Figure 2. Click for larger image with caption.

Using sidescan-sonar imagery, bathymetric data and sediment samples, Thieler and others (1994; 1995) found that the morphology of the Wrightsville Beach shoreface and inner shelf is dominated by linear, shore-perpendicular rippled scour depressions (sea-floor depressions floored with rippled, coarse shell hash and gravel [RSDs] ). They speculated that the RSDs serve as conduits for cross-shore sediment flux between the beach and the shelf, and that the underlying geologic framework controls the distribution and morphology of these features.

Snyder and others (1994) mapped the regional seismic stratigraphic framework of the inner continental shelf of southern Onslow Bay, including the Wrightsville Beach area.
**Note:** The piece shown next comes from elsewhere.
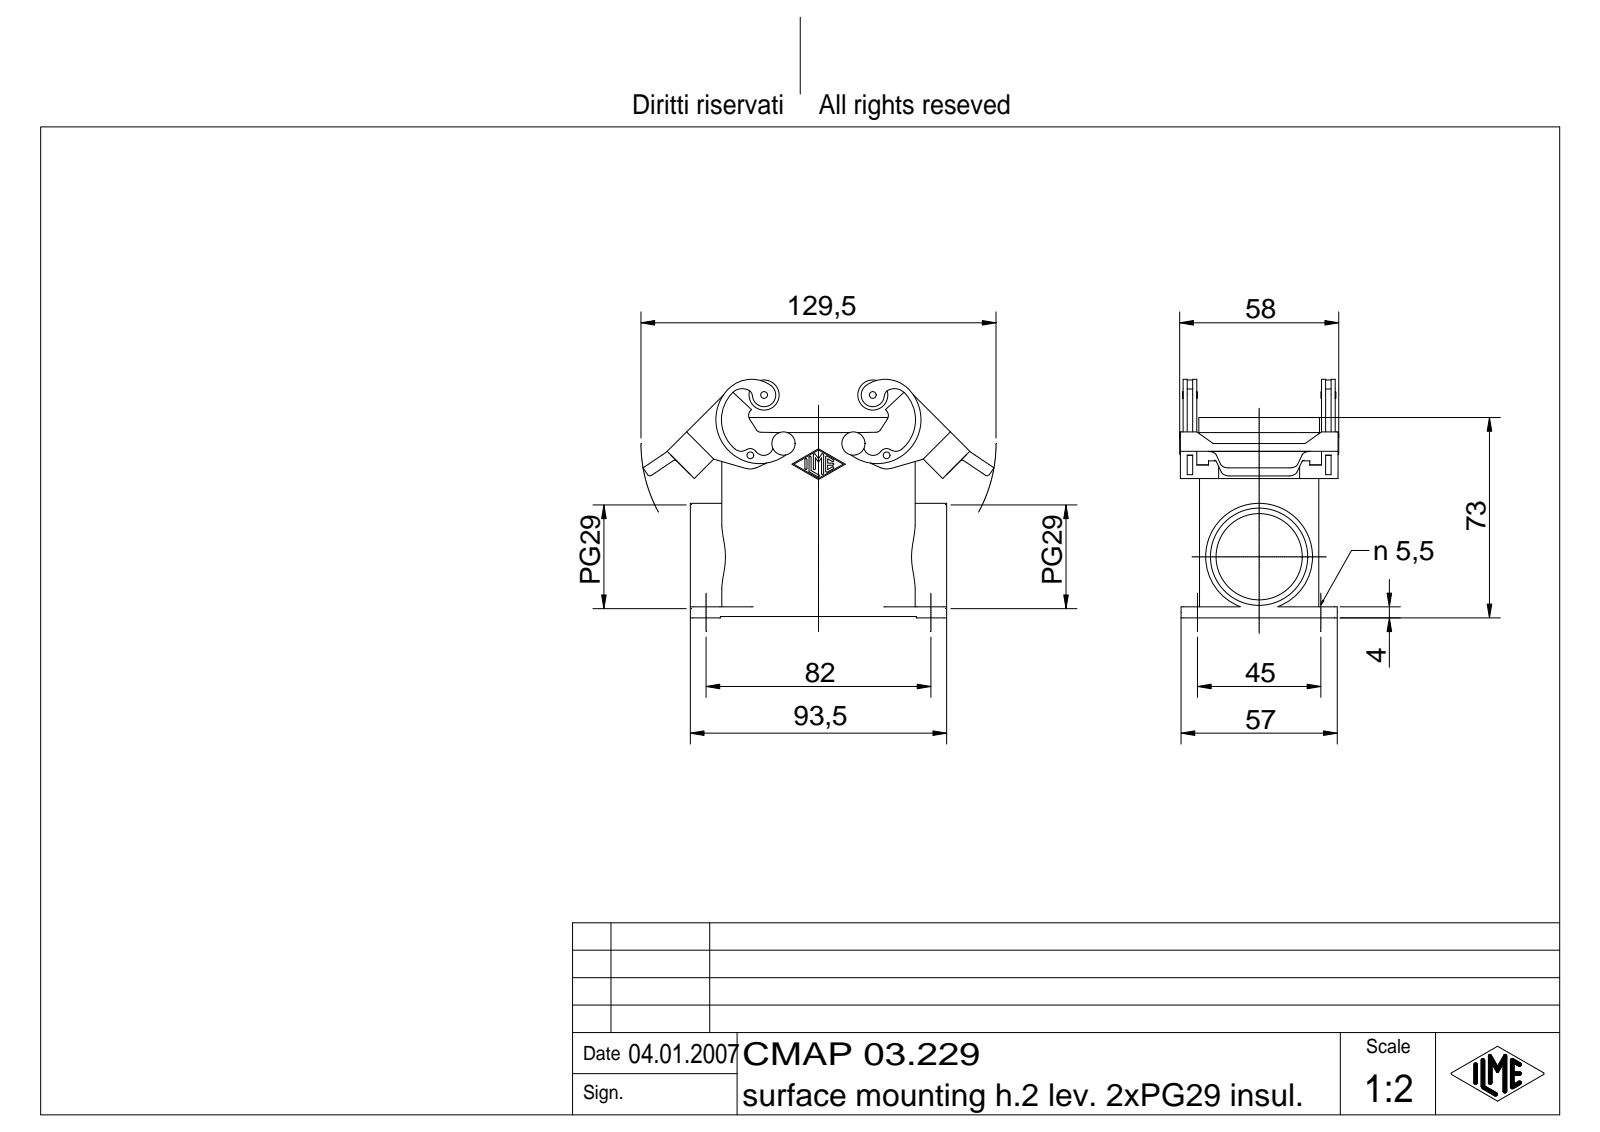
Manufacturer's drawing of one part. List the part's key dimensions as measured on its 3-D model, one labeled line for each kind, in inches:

The inner shelf surface consists of an unconsolidated, early Oligocene sandy silt (designated Orb-A and proposed by Snyder and others (1994) to be equivalent to the River Bend Formation), which has been dissected by Quaternary and Plio-Pleistocene fluvial channels. Detailed seismic reflection and vibracore data from the Wrightsville Beach area (Thieler,1997) confirmed the regional stratigraphic framework proposed by Snyder and others(1994). However, the dense nature of the geophysical data used by Thieler (1997), coupled with its higher resolution and the extensive groundtruth furnished by the vibracore data, permitted the identification of additional lithosomes and the construction of a more tightly controlled stratigraphic framework than that proposed by Snyder and others (1994).
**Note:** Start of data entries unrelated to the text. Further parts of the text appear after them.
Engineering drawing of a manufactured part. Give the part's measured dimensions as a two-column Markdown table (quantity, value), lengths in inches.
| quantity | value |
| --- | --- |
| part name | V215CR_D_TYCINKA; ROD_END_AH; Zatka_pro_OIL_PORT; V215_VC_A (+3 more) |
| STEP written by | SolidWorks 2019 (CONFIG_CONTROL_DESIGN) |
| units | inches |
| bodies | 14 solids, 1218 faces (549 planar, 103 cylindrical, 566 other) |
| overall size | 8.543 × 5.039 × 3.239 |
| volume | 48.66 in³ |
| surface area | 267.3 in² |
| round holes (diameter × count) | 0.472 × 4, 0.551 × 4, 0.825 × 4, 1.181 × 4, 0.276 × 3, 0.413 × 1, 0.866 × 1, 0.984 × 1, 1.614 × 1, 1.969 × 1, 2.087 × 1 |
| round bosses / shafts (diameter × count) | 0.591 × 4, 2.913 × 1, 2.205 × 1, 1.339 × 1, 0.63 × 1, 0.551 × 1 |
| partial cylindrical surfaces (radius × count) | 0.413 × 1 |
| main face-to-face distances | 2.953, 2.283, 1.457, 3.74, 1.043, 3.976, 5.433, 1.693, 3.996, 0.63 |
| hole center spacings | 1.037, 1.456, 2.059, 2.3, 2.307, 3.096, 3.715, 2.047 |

Figure 2 (see figure above) shows the distribution of Quaternary paleo-fluvial channel-fill (QPFCF) and Plio-Pleistocene valley-fill (PPvf) lithosomes in the study area. The QPFCF lithosomes cut 10-20 meters into the Oligocene section (Snyder and others 1994; Thieler 1997). The seismic architecture of the Quaternary fluvial systems indicates they have undergone multiple cycles of cut and fill, as they were occupied repeatedly during the Quaternary (Snyder and others 1994; Thieler 1997). The distribution of QPFCF lithosomes also exhibits a strong correlation with the present subaerial drainage pattern; Figure 2 indicates major incised channel systems and their probable linkage to existing tidal creeks. The uppermost sections of the QPFCF units retain, in places, a record of the Holocene transgression that is mappable in the subsurface and is exposed on the sea floor (Thieler 1997).

The PPvf lithosomes probably represent the deeper preserved thalwegs of former fluvial systems that were excavated and backfilled during multiple sea-level oscillations in the late Tertiary and Pleistocene (Snyder and others, 1994). Vibracores penetrating the PPvf lithosomes contain a variety of limestone litholgies, ranging from fine sand to bioclastic gravel, and exhibit wide variations in induration. Onshore water-well logs and ground-penetrating radar surveys (Thieler 1997) on Wrightsville Beach have identified the landward extension of the southern PPvf lithosome shown in Figure 2.